Jakarta, Ditjen Vokasi PKPLK - Kementerian Pendidikan Dasar dan Menengah (Kemendikdasmen) melalui Direktorat Pendidikan Nonformal dan Pendidikan Informal, Direktorat Jenderal Pendidikan Vokasi, Pendidikan Khusus, dan Pendidikan Layanan Khusus (PKPLK) meluncurkan program Relawan Pendidikan tahun 2025 beberapa waktu lalu. Sebagai salah satu inisiatif prioritas Menteri Pendidikan Dasar dan Menengah untuk mempercepat penanganan anak usia sekolah tidak sekolah (ATS), nantinya Relawan Pendidikan ini akan bertugas untuk melakukan kegiatan pendataan hingga advokasi terhadap ATS agar dapat kembali bisa mengakses pendidikan.

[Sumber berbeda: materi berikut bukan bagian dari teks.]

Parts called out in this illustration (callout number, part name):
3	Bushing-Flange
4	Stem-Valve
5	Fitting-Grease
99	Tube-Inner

Rani Astriani Mointi menjadi salah satu dari 110 Relawan Pendidikan 2025 terpilih. Ia diterjunkan untuk wilayah tugas di Kabupaten Donggala, Sulawesi Tengah.
“Saya tertarik untuk mengikuti Relawan Pendidikan karena melihat masih cukup banyak anak sekolah yang tidak sekolah dan Relawan Pendidikan adalah bukti kehadiran negara untuk menjangkau mereka yang belum terjangkau,” kata Rani.

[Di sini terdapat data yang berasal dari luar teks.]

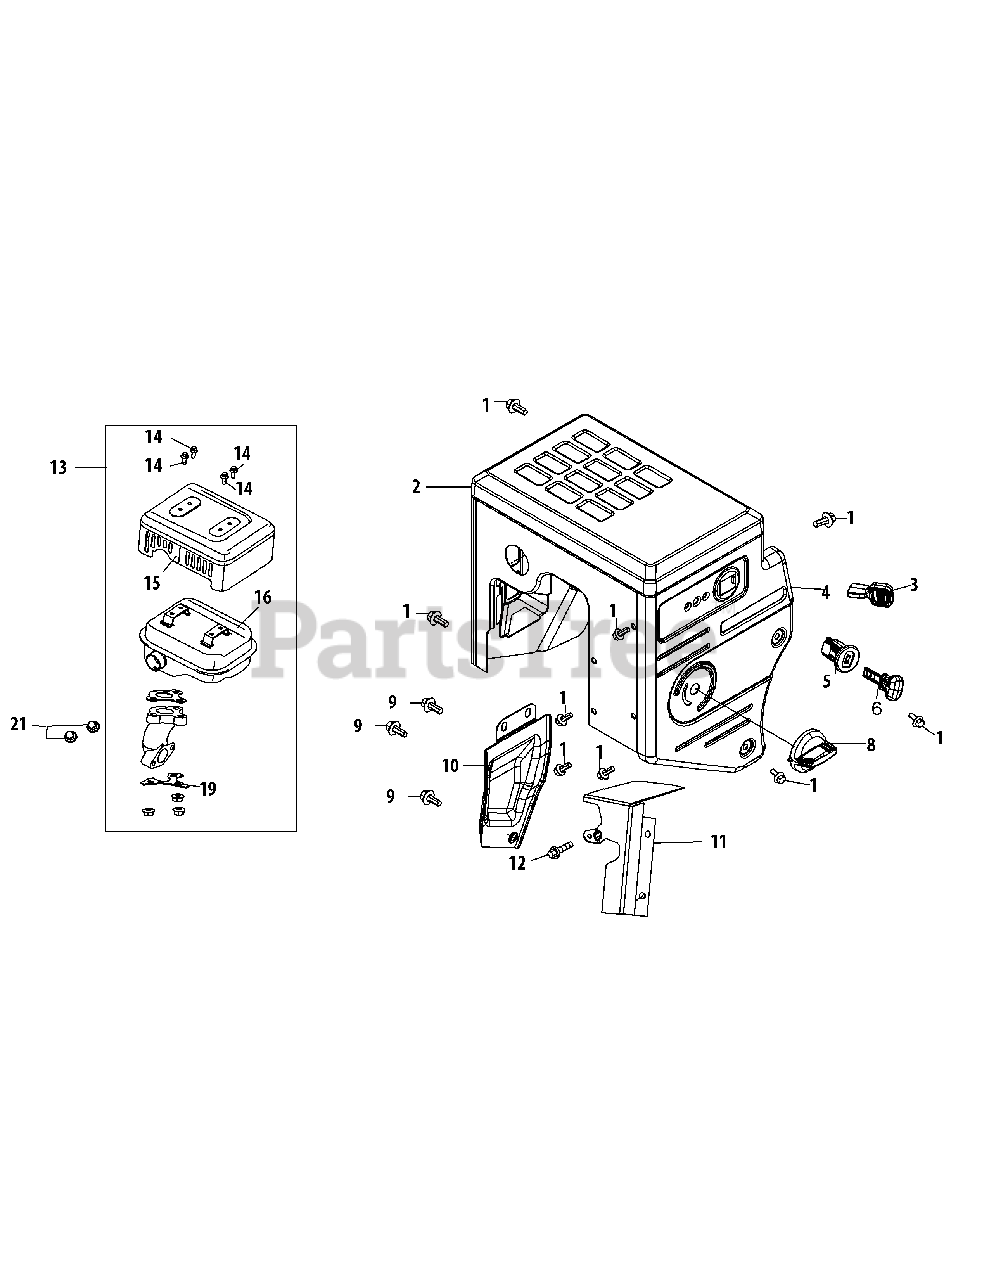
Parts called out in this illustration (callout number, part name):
1	BOLT M6×12
2	MUFFLER SHIELD
3	THROTTLE CONTROL KNOB
4	CONTROL PANEL
5	ENGINE SWITCH BASE
8	CHOKE KNOB
9	BOLT M6×10
10	EXHAUST PIPE SHIELD
11	CARB ISOLATOR BRACKET
12	BOLT M6×16
13	MUFFLER ASSEMBLY
15	MUFFLER GUARD
16	MUFFLER BODY

Menurutnya, saat terlibat di Relawan Pendidikan, Rani baru mengetahui bahwa angka Anak Tidak Sekolah di Indonesia masih cukup banyak.

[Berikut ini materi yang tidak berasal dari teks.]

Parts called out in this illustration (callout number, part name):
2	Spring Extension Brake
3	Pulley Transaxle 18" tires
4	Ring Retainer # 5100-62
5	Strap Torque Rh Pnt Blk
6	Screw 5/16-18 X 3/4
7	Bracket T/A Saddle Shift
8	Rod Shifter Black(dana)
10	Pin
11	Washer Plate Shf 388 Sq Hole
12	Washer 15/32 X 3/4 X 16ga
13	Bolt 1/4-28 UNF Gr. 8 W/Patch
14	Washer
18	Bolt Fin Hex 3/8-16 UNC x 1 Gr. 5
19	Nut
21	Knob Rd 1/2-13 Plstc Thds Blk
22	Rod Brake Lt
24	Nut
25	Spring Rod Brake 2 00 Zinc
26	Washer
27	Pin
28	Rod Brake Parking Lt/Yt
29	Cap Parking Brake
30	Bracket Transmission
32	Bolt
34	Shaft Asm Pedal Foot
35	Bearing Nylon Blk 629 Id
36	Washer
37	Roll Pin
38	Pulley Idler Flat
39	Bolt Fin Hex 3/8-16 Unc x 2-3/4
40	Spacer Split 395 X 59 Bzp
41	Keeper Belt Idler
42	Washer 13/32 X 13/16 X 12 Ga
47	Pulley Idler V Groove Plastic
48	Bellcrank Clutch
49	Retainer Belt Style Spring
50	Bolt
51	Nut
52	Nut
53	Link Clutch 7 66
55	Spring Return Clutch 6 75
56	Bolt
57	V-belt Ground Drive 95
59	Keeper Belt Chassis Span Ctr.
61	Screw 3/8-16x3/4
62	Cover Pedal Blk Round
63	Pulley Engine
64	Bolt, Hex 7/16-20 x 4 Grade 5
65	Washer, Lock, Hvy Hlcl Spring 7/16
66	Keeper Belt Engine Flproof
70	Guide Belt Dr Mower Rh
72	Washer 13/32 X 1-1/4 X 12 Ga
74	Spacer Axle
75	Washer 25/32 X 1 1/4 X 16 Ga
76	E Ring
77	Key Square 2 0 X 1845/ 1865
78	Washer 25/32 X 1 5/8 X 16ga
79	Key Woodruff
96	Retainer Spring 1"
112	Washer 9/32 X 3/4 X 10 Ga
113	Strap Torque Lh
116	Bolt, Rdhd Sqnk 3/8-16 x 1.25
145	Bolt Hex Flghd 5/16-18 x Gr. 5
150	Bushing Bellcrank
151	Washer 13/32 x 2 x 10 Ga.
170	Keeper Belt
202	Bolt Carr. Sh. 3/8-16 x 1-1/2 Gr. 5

“Jujur, saya sempat agak tercengang. Ternyata, banyak juga anak Indonesia yang tidak sekolah. Tentu dengan berbagai alasannya,” kata Rani yang aktif dan merupakan pendiri Teras Baca Nasana, sebuah komunitas literasi yang ada di Kota Palu, Sulawesi Tengah.
Menurut Rani, meski data mengenai anak putus sekolah masih harus divalidasi, tingginya angka anak tidak sekolah di wilayah kerjanya ternyata cukup memprihatinkan.
Padahal, lanjut Rani, Gubernur Sulawesi Tengah membuka akses seluas-luasnya untuk lulusan SMA (sederajat) agar bisa melanjutkan pendidikan ke jenjang S-1. Namun, dengan kondisi tersebut, program Gubernur tidak bisa dimanfaatkan.

“Ironisnya, ternyata masih banyak anak-anak di Sulawesi Tengah yang tidak bisa mengakses beasiswa tersebut karena mereka tidak bersekolah hingga SMA dan walaupun sempat belajar di jenjang tersebut, mereka tidak menyelesaikannya,” tambah Rani.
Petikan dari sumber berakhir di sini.